Initially, training at this relatively low rate may be stressful for many athletes. “I just can’t
train that slowly!” is a common comment. But after a short time, you will feel better and
your pace will quicken at that same heart rate. You will not be stuck training at that
relatively slow pace for too long. Still, for many athletes it is difficult to change bad habits.
Once comfortably fit aerobically,we add other rides through the week that have different
purposes to the fat utilisation purpose of the long ride,and naturally enough we go at
sustained intensities that are higher, to our level of training and tolerance.
The great, and very very big Miguel Indurain, one of the few multiple winners of the Tour
de France, gave Lance Armstrong this low-intensity tip as more or less his ‘secret’ to
conserving muscle glycogen on hill climbs. He trained himself over a number of years to
hold a higher cadence, moving less load with each turn of the crank, thereby taking a
major load off the large quadriceps muscle group. On the big front ring, we can push
higher speeds for sure, but it’s done by utilising higher power output that tips the scales
towards more fast twitch fibre use, and thereby ripping through glycogen stores. Since
we do much the same amount of nett work for a given distance, whether we do it with low
cadence and high power, or higher cadence and lower power, the small front ring and
lower heart rate will make sure you’re using slow twitch more, thereby stripping down
those triglycerides and free fatty acids in the mitochondrial energy factories without
touching your glycogen stores much.
As a rule of thumb, the more strength or power required to turn the pedal, the more the
likelihood you’re recruiting fast twitch and using glycogen, and vice versa with respect to
the far more aerobically efficient and fuel-efficient slow twitch fibers.

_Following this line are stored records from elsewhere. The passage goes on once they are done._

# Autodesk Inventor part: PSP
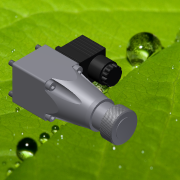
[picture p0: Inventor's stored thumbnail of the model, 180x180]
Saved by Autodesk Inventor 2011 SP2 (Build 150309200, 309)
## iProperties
Created: 2013-12
Part Number: PSP
Document SubType Name: Modeling
Designer: dorohin
Density: 1 g/cm^3
Author: dorohin
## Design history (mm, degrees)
derived "PST.iam"
node "Твердое тело1"
node "PSP_.ipt:1"
sketch "ECA_B_10.ipt:1"
sketch "Винт ГОСТ 11738-84 M 5x45:1"
sketch "Винт ГОСТ 11738-84 M 5x45:2"
sketch "Винт ГОСТ 11738-84 M 5x45:3"
sketch "Винт ГОСТ 11738-84 M 5x45:4"

So if your ego can handle fat weekend warriors with spare tyres passing you on the
waterfront, start there, but also be prepared for the odd granny to go past too. Then
you’re really doing it well, and after your fatty acid metabolism kicks in, you’ll find you can
go a very long way without the need for carbs. You can eventually find that at the same
low heart rate, you go faster and faster over time, so for the same perceived effort and
heart rate, you’re really zooming along at a rate that would’ve been stressing the upper
aerobic zones earlier. Then you can give the weekend warriors and grannies a lesson in
“easy riding”.
HOWEVER- always have some carbs on hand just in case your system isn’t quite right
one day and you’bonk’ thirty kilometres from home! I’d also suggest eating every couple
of hours after about 5 hours if you do longer rides; toasted sandwiches of cheese, ham,
and tomatoe were perfect fuel for me when I did a few all-day charity rides several years
ago, as well as a water-pack with grapejuice (alkali, full of potassium) diluted by about
1:3 with water. Fruit juices such as apple or grape are alkali (= good!), whereas orange
juice is too acidic and can muck up your stomach quite badly. Any fruit drink should be
diluted to roughly 6g sugars/litre (6% w/v), or less on hot days.